Ey kullarının gizli- açık kusurlarını bilen EL-ALÎM!
Hüzün ve kederlerimi sana arz etmeye, senden affını dilenmeye geldim.
Ey benim güzel Mahbubum! Tevbe kapıları kapanmadan, hüsrana uğrayanlardan olmadan, ölmeden sana kavuşmaya geldim.
Ey kullarının tevbesini kabul eden, kullarını cezalandırmada sabreden, tevbe yollarını ilham eden, hak ve doğruya sevk eden, fenalıktan men eden, YÂ
VEDÛD!
Çirkin günahlarım ruhumu ve bedenimi kabzetti.
Beni arındır YÂ KUDDÛS! Günahlarımı ört YÂ SETTÂR! Affeyle YÂ
ĞAFFÂR! Tevbemi kabul eyle YÂ TEVVÂB! Merhamet et YÂ RAHMÂN! Bağışla
YÂRAHÎM! Hidayet ver YÂ HÂDİ! Emin kıl YÂ MÜMİN!
Eûzübillâhimineşşeytânirracîm.
Bismillahirrahmanirrahîm.
Allahümme salli alâ seyyidinâ Muhammedin ve alâ âl- i seyyidinâ Muhammed.
“Umûm zemin yüzünde ve içinde ve havasında ve denizinde bütün zîhayatın ve
bilhassa zîrûhun ve bilhassa âciz ve zayıfların ve bilhassa yavruların, hem maddî
ve midevî, hem mânevî bütün rızıklarını, şefkatkârâne, kuru ve bâsît bir topraktan
ve câmid ve kemik gibi kuru odun parçalarından yapılan ve bilhassa en lâtifi kan ve
fışkı ortasından gelen ve bir dirhem kemik gibi bir tek çekirdekten yapılan binlerle
okka taamların, vakti vaktine, mukannen bir sûrette, hiçbirini unutmayarak ve
şaşırmayarak, gözümüz önünde, bir dest-i gaybî tarafından verilmesi hakîkatidir.

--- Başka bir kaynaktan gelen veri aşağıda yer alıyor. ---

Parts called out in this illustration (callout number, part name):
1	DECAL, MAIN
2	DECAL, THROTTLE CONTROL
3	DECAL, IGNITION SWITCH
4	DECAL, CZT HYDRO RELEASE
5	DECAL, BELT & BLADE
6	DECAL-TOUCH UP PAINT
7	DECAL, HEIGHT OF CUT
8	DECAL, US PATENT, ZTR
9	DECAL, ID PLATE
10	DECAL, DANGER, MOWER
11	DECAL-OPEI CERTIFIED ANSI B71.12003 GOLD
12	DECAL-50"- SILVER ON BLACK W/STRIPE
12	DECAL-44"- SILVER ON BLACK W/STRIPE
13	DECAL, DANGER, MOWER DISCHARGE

Hem gözümüzle görüyoruz: Birisi var ki, bize, zemin yüzünü rahmetin binlerle hediyeleriyle doldurmuş, bir ziyafetgâh yapmış ve rahmâniyetin yüz binlerle
ayrı ayrı lezzetli taamları içinde dizilmiş bir sofra etmiş ve zemin içini rahîmiyet
ve hakimiyetin binlerle kıymettar ihsanlarını câmi bir mahzen yapmış ve zemini, devr-i senevîsinde, bir ticaret gemisi hükmünde, her sene âlem-i gaybdan
levâzımât- ı insâniye ve hayatiyenin yüz bin çeşitlerinden en güzellerini içine alarak
yüklenmiş bir nevi sefine veya şimendifer gibi ve her baharı ise, erzâk ve elbisemizi
taşıyan bir vagon hükmünde olarak bizlere gönderir, bizi gâyet rahîmâne beslettirir.

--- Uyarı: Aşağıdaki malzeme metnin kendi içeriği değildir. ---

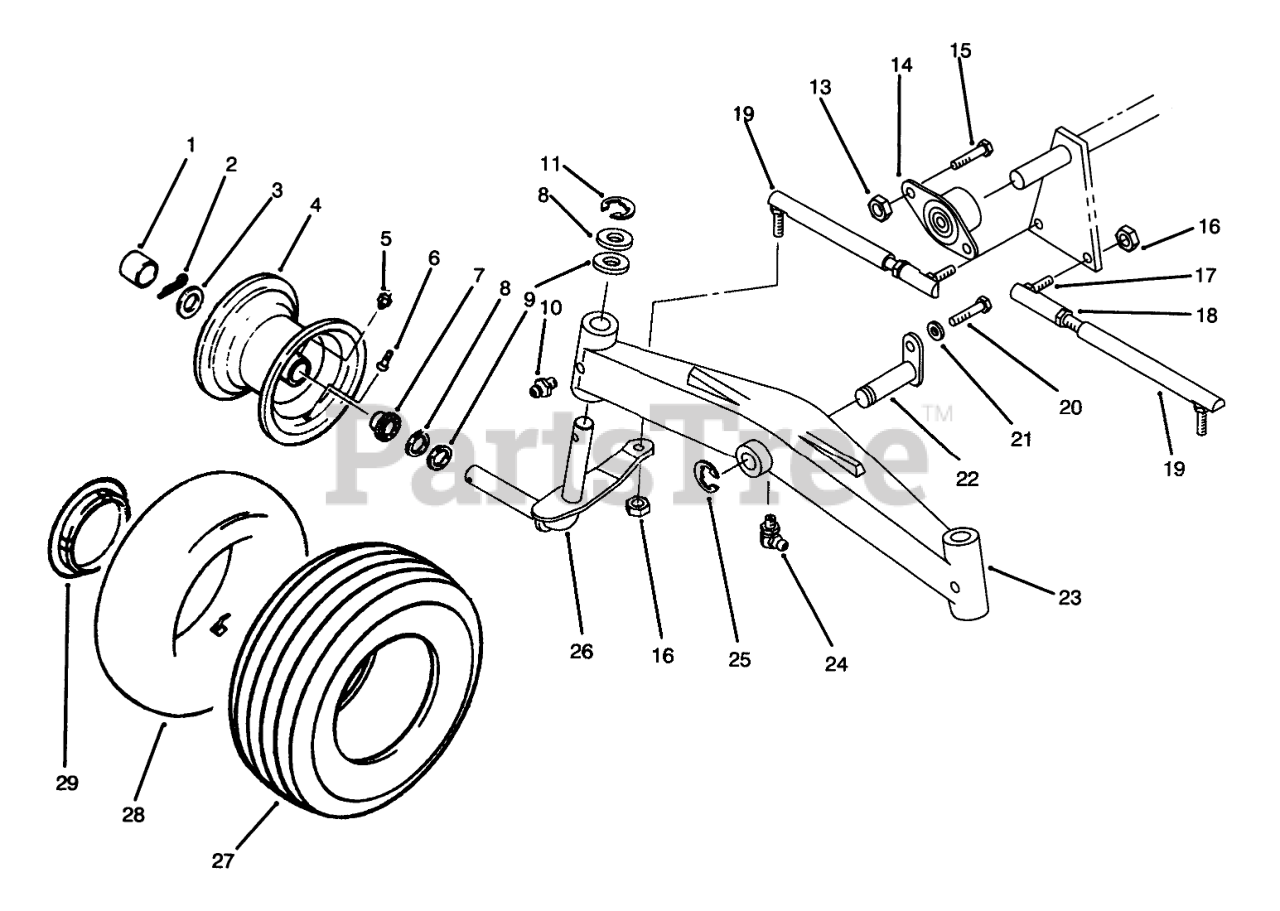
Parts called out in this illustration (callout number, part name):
1	HUBCAP
2	PIN-COTTER
3	WASHER WHEEL
4	Assembly-Wheel (Incl. Ref. #5-7)
5	ZERK-GREASE
6	VALVE
7	BEARING-WHEEL
8	WASHER
9	WASHER-SHIM
10	FITTING-GREASE
11	RING-RETAINING
13	NUT-LOCK, NI
14	BEARING-FLANGED
15	SCREW-HH
16	NUT-LOCK
17	BALL-JOINT
18	NUT-HEX
19	Assembly-Tie Rod (Incl.Ref.#17&18)
20	SCREW-HH
21	WASHER-LOCK
22	PIN AND PLATE ASM
23	AXLE-FRONT
24	FITTING-GREASE
25	E-RING
26	RH SPINDLE WA
27	Tire (16 x 6.5-8) 2-Ply -2 Wheel Axel
29	8"-HUB CAP LOGO
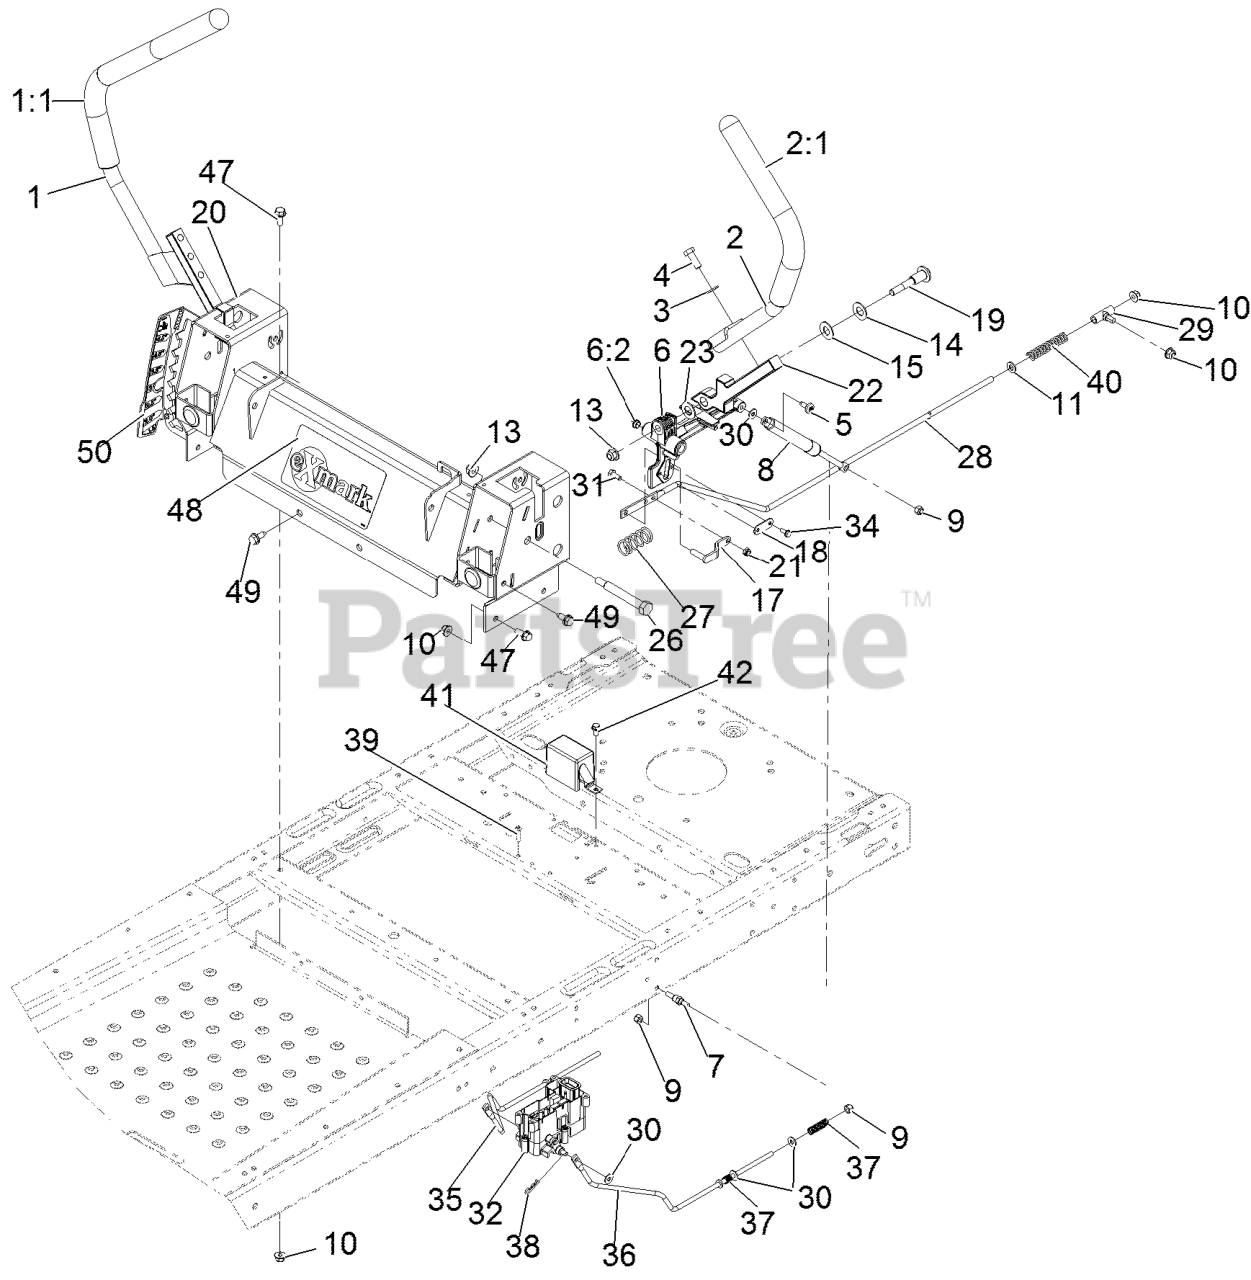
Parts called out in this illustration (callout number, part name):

Ve bütün o hediyelerden, o nimetlerden istifade etmemiz için bize de yüzlerle ve
binlerle iştahlar, ihtiyaçlar, duygular, hissiyâtlar, hisler vermiştir.” (Risale- i Nur)
İSM -AZAM TEVBESİ
RAHÎM olan Allahım; verdiğin rızık ve nimetlere şükretmeyerek, tabiata ve
tesadüfe vererek, senin merhamet ve şefkatini inkâr ederek, rahmetinden ümit
keserek, günah ve hatalarımı senin rahmetinden ve merhametinden büyük görerek, tevbe etmeyerek, tevbelerimde affedilmeyeceğimi düşünerek ve affedilmeyeceğime inanarak, yaratılışımda ve hayatımda ve hayatımın devamında tecelli
eden ve tüm kainatı, dünya ve âhireti kuşatan, kullarına şefkat ve merhamet ile
muamele eden, rahmetinin gazabını geçtiğini ilan eden ER- RAHÎM isminin tecellisinden gaflete düşerek, lâin şeytan ve şeytana tâbi olanlar misali senin rahmetinden ümit keserek yaptığım, soyumun ve zürriyetimin yaptığı ve Hz. Ademden
(aleyhisselâm) kıyamete kadar geçmiş, gelmiş ve gelecek tüm inananların yaptıkları
ve yapacakları bütün şirk, inkâr, isyan, lânet, belâ, kahır; söz, fiil, davranışlardan
ve ümitsizliklerden yarattığın katreler ve zerreler adedince
{Tevbe ettim. Estağfirullah Yâ Rahîm} (100 defa)
Ey gözlerin zatını idrak ve ihata edemediği,
Ey vasfedenlerin kendisini hakkıyla vasfedemediği,
Ey akıl ve anlayışların zatını kavrayamadığı,
Ey fikirlerin büyüklüğünü anlayamadığı,
Ey azamet ve kibriya örtüsü olan
“Rabbim! Bana hikmet ver, beni sâlihler zümresine kat”
Ey kullarının gizli- açık kusurlarını bilen EL-ALÎM!
Hüzün ve kederlerimi sana arz etmeye, senden affını dilenmeye geldim.
Ey benim güzel Mahbubum! Tevbe kapıları kapanmadan, hüsrana uğrayanlardan olmadan, ölmeden sana kavuşmaya geldim.
Ey kullarının tevbesini kabul eden, kullarını cezalandırmada sabreden, tevbe yollarını ilham eden, hak ve doğruya sevk eden, fenalıktan men eden, YÂ
VEDÛD!
Çirkin günahlarım ruhumu ve bedenimi kabzetti.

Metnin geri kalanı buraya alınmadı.